Я промолчал. Лишь грязно ухмыльнулся, как последний мерзавец.
– Ах вы, бесстыжие! Хорошо же вы себя ведете! Вчера ночью с тобой тоже была твоя подружка?
– Нет, – ответил я, волнуясь, – не подружка.
– Не ври, – сказал Сердар.
Я задумался и ответил:
– Это была моя старшая сестра. У нас Бабушка заболела, мы ездили за лекарством.
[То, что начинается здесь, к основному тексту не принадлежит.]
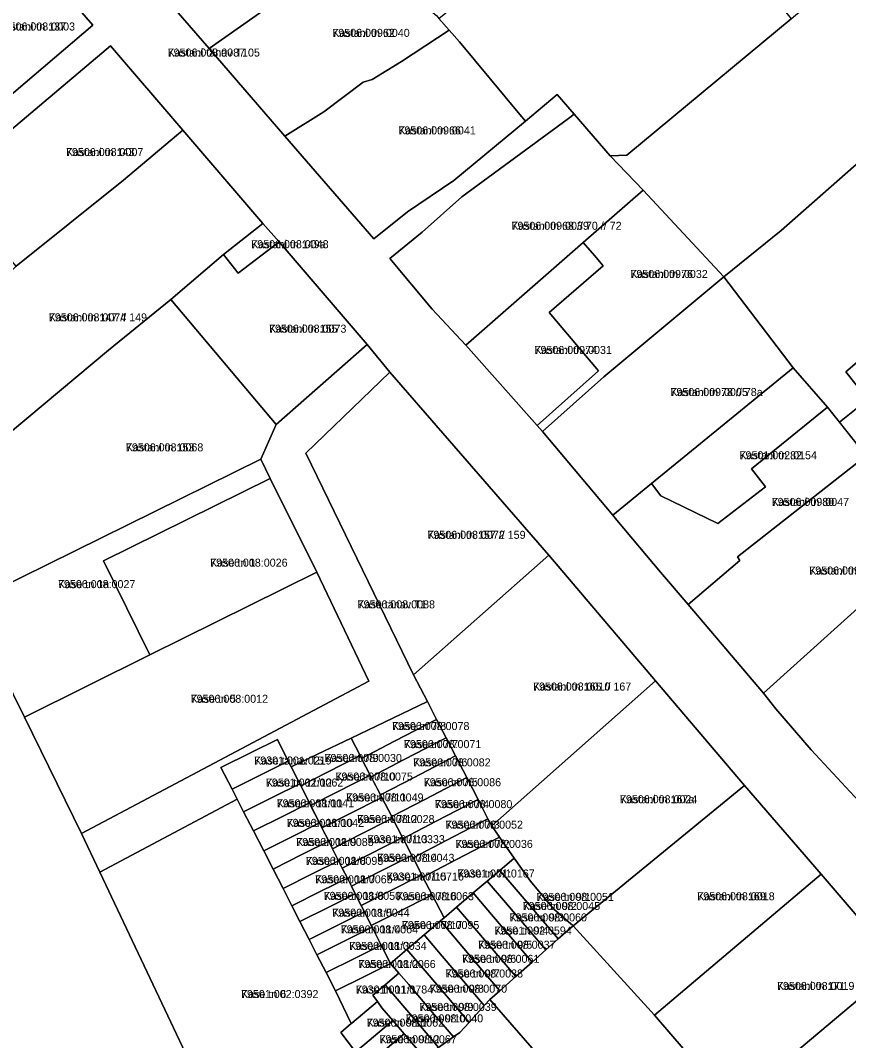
# Model space of a CAD drawing. Extents: x 643847 to 663718, y 6468443 to 6482775.
# Drawn here: x 658980.7 to 659135.9, y 6472833.9 to 6473025.1 of the extents above; entities that cross this region are included whole.
import ezdxf

# ---------------------------------------------------------------- set-up
doc = ezdxf.new("R2010")
doc.units = 0
for name, color, linetype in [('L_AADRESS', 7, 'Continuous'), ('PIIR', 7, 'Continuous'), ('TUNNUS', 7, 'Continuous')]:
    doc.layers.add(name, color=color, linetype=linetype)

msp = doc.modelspace()

# ---------------------------------------------------------------- linework, layer by layer
at = {"layer": 'PIIR'}
for points in [[(658827.03, 6473115.78), (658838.96, 6473101.24), (658844.72, 6473094.48), (658849.4, 6473089), (658835.12, 6473077.3), (658858.05, 6473052.71), (658863.9, 6473048.89), (658875.4, 6473058.55), (658892.98, 6473035.86), (658893.93, 6473034.64), (658907.6, 6473014.23), (658922.44, 6472991.84), (658934.89, 6472973.59), (658947.86, 6472954.59), (658948.45, 6472953.59), (658959.35, 6472935.31), (658960.8, 6472932.88), (658970.93, 6472915.87), (658981.5, 6472894.57), (658992.14, 6472872.73), (658995.57, 6472865.47), (659014.95, 6472824.56)], [(659160.01, 6472831.12), (659145.35, 6472848.08), (659130.72, 6472865.11), (659116.35, 6472881.76), (659099.69, 6472901.36), (659079.69, 6472924.88), (659049.93, 6472959.21), (659045.67, 6472964.39), (659029.19, 6472983.58), (659026.15, 6472987.07), (659011.13, 6473004.54), (658997.61, 6473020.32), (658969.3, 6472996.48), (658963.89, 6472998.37), (658972.21, 6473005.47), (658994.25, 6473024.24), (658979.81, 6473040.96)], [(659002.75, 6473035.22), (659016.06, 6473019.83), (659030.25, 6473003.44), (659046.9, 6472984.19), (659053.23, 6472989.26), (659061.93, 6472995.13), (659075.33, 6473006.24), (659081.29, 6473011.21), (659084.48, 6473007.51), (659083.39, 6473006.71), (659063.43, 6472992.03), (659056, 6472985.42), (659049.93, 6472980.5), (659057.83, 6472970.97), (659064.16, 6472964.23), (659077.51, 6472949.19), (659078.5, 6472948.06), (659091.7, 6472932.4), (659092.48, 6472931.43), (659100.66, 6472921.71), (659105.83, 6472915.66), (659119.91, 6472899.03), (659122.23, 6472896.09), (659128.85, 6472888.45), (659141.04, 6472875.28)]]:
    msp.add_lwpolyline(points, dxfattribs=at)
for points in [[(659081.29, 6473011.21), (659075.33, 6473006.24), (659074.29, 6473007.5), (659062.95, 6473021.08), (659061.03, 6473023.28), (659059.12, 6473025.46), (659099.23, 6473058.01), (659103.19, 6473052.95), (659117.49, 6473035.03), (659125.13, 6473025.41), (659094.35, 6472999.83), (659091.21, 6472999.7), (659084.48, 6473007.51)], [(659155.16, 6473051.86), (659162.9, 6473044.51), (659179.98, 6473023.32), (659180.07, 6473013.96), (659180.34, 6472985.85), (659177.07, 6472982.42), (659166.2, 6472985.69), (659147.71, 6473007.27), (659123.22, 6472985.75), (659112.47, 6472977.03), (659097.41, 6472993.3), (659091.21, 6472999.7), (659094.35, 6472999.83), (659125.13, 6473025.41), (659147.51, 6473044.37)], [(659002.75, 6473035.22), (659013.97, 6473045.15), (659025.79, 6473030.86), (659027.8, 6473028.1), (659016.06, 6473019.83)], [(658994.25, 6473024.24), (658972.21, 6473005.47), (658958.05, 6473021.77), (658972.87, 6473033.89), (658972.45, 6473034.95), (658979.81, 6473040.96)], [(659030.25, 6473003.44), (659016.06, 6473019.83), (659027.8, 6473028.1), (659045.53, 6473040.6), (659056.45, 6473027.84), (659058.74, 6473025.96), (659059.12, 6473025.46), (659061.03, 6473023.28), (659052.1, 6473017.41), (659046.6, 6473014.02), (659044.94, 6473013.54), (659037.55, 6473008)], [(659046.9, 6472984.19), (659030.25, 6473003.44), (659037.55, 6473008), (659044.94, 6473013.54), (659046.6, 6473014.02), (659052.1, 6473017.41), (659061.03, 6473023.28), (659062.95, 6473021.08), (659074.29, 6473007.5), (659075.33, 6473006.24), (659061.93, 6472995.13), (659053.23, 6472989.26)], [(659011.13, 6473004.54), (659000.02, 6472995.15), (658979.91, 6472979.04), (658976.99, 6472982.5), (658969.3, 6472996.48), (658997.61, 6473020.32)], [(659064.16, 6472964.23), (659057.83, 6472970.97), (659049.93, 6472980.5), (659056, 6472985.42), (659063.43, 6472992.03), (659083.39, 6473006.71), (659084.48, 6473007.51), (659091.21, 6472999.7), (659097.41, 6472993.3), (659086.17, 6472983.46)], [(659147.71, 6473007.27), (659166.2, 6472985.69), (659135.36, 6472959.26), (659139.49, 6472954.05), (659134.14, 6472949.81), (659131.92, 6472952.61), (659125.48, 6472959.98), (659112.47, 6472977.03), (659123.22, 6472985.75)], [(659011.13, 6473004.54), (659026.15, 6472987.07), (659018.73, 6472981.22), (659008.88, 6472972.83), (658997.24, 6472963.28), (658960.8, 6472932.88), (658959.35, 6472935.31), (658948.45, 6472953.59), (658972.3, 6472971.84), (658979.91, 6472979.04), (659000.02, 6472995.15)], [(659077.51, 6472949.19), (659088.99, 6472959.45), (659079.77, 6472970.37), (659089.89, 6472979.09), (659088.28, 6472981.06), (659086.17, 6472983.46), (659097.41, 6472993.3), (659112.47, 6472977.03), (659089.99, 6472958.34), (659078.5, 6472948.06)], [(659026.15, 6472987.07), (659029.19, 6472983.58), (659021.49, 6472977.77), (659018.73, 6472981.22)], [(659166.2, 6472985.69), (659177.07, 6472982.42), (659176.53, 6472958.37), (659157.92, 6472944.08), (659156.37, 6472943.05), (659146.01, 6472934.94), (659141.31, 6472940.59), (659139.17, 6472943.51), (659134.14, 6472949.81), (659139.49, 6472954.05), (659135.36, 6472959.26)], [(659029.19, 6472983.58), (659045.67, 6472964.39), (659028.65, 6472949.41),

– Почему не купили в аптеке внизу, перед пляжем?
– Там было закрыто.
– Врешь! Там каждую ночь открыто! А может, ты знаешь, что тамошний аптекарь – коммунист?
– Не знаю.
– А что ты еще знаешь и умеешь, кроме как гулять с богатыми девчонками?
– Знаешь, кто мы такие? – спросил Мустафа.
– Знаю, – сказал я. – Националисты.
– Молодец! – сказал Мустафа. – И знаешь, о чем мы заботимся?
– О борьбе за нацию и прочем!
– Что значит «прочее», ты?!
– Наверное, он не турок! – сказал Сердар.
– Отвечай, ты – турок, родители твои – турки?
– Турок!
– А это что такое? – Сердар показал на пластинку, забытую Джейлян, и прочитал по слогам: – «Best of Elvis».